Except for surveillance of meningitis epidemics and a single study on blood culture isolates in a tertiary care urban center [31], there are no previous data about the burden of community acquired bacteremia in Burkina Faso, in particular from rural areas. The high proportion of NTS isolates is consistent with studies performed in other rural malaria endemic settings in sub-Saharan Africa [18], [19], [26]–[29], [32], although we isolated NTS mainly after instead of during the rainy season [18], [26], [27]. Salmonella Typhi was relatively frequent in our study compared to others performed in similar settings [2], [32], [33], possibly related to specific local environmental conditions or to the inclusion of children ≥5 years old. Although Salmonella Typhi is more common in older children [16], [28], it may also occur in children ≤5 [28], [34] as shown in the present study, and incidence rates of Salmonella Typhi bacteremia have reported to be even higher among children 2–5 years compared to children ≥5 [35], [36].
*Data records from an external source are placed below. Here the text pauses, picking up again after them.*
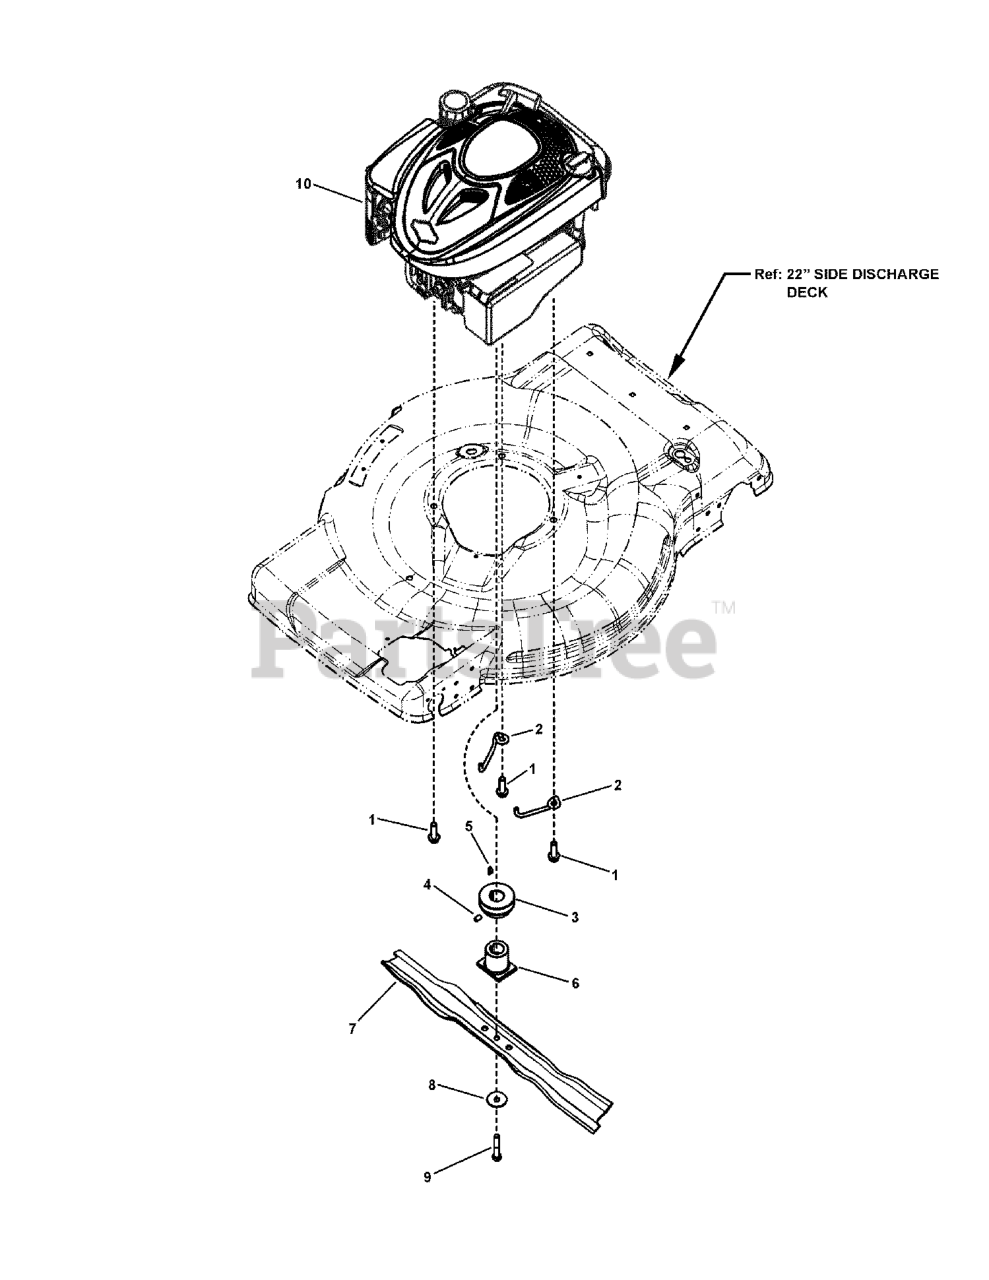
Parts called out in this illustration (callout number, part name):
1	SCREW, 3/8-16 x 1-1/4" Hex Washer Self-Tap
2	BELT GUIDE, Engine, Front Wheel Drive
3	PULLEY, Engine
4	SET SCREW, 5/16-18 x 1/2" Hex Recess
5	KEY, #HP-506 Hi-Pro
6	BLADE HUB, 21" WBM, Rear Discharge, 2 Position
7	BLADE, Wave, Steel Deck
8	WASHER, Cone
9	SCREW, 3/8-24 x 2" Hex Head Cap, GR 5
10	* ENGINE, B&S, 675 Series, X-Spec, B1, FC
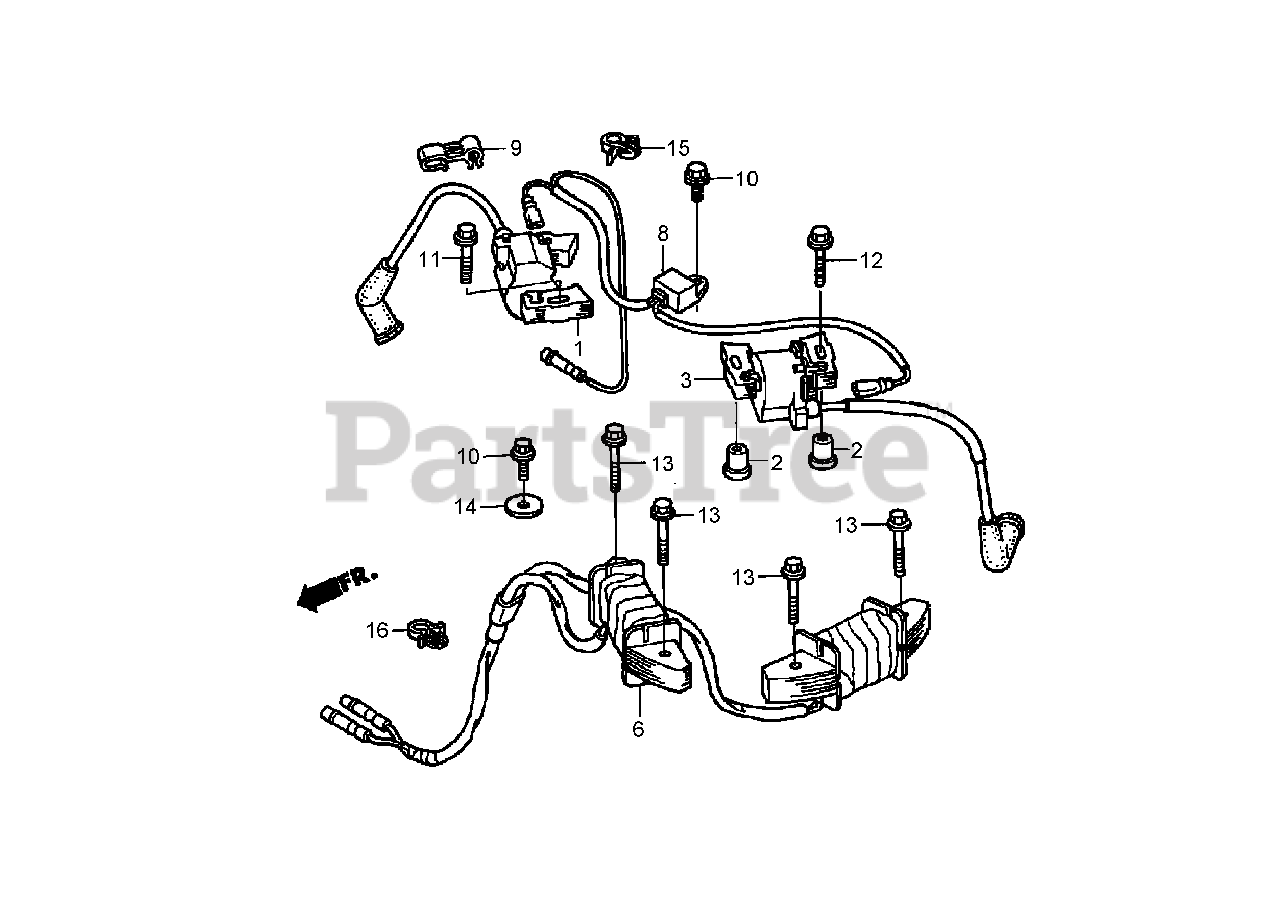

Resistance rates among community-acquired pathogens were high, particularly among the Enterobacteriaceae. The high resistance rates to the first line antibiotics TMP-SMX and amoxicillin/ampicillin requires extension of surveillance studies to other populations (e.g. adults, outpatients) and places in the country and revision of the current national treatment guidelines. Of concern are the findings of DCS and ESBL in one NTS isolate each and especially the presence of ESBL with co-resistances to gentamicin and fluoroquinolone antibiotics among E. coli, precluding treatment options with commonly available antibiotics. All S. pneumoniae, N. meningitidis and H. influenzae isolates were susceptible to ceftriaxone, which is the recommended treatment for bacterial meningitis in Burkina Faso.

CFR for IBI were significantly higher compared to severe malaria (23.4% and 6.8% respectively) and existence of IBI as well as appropriate case management should be more emphasized at all levels of health care.

As malaria may predispose to NTS bacteremia [37], [38], reduction of malaria transmission would not only lead to a reduction in morbidity and mortality due to malaria but could also reduce the burden of NTS bacteremia [38]. As main reservoirs for human invasive NTS have to date not been explored extensively [39], containment of risk factors (malaria, HIV, malnutrition [39]) appears the best preventive measure. Introduction of the 13-polyvalent pneumococcal vaccine and vaccination against typhoid fever as well as improved hygiene could further reduce the burden of community-acquired childhood bacteremia in this area.

In conclusion, although severe malaria was the main cause of disease among children admitted to a rural hospital in Burkina Faso, invasive bacterial infections were not uncommon and had higher CFR. The high proportion and CFR of community acquired bacteremia as well as the high antibiotic resistance rates of the pathogens require improvement in hygiene, better diagnostic methods and emphasize the need of blood culture surveillance and revision of current treatment guidelines.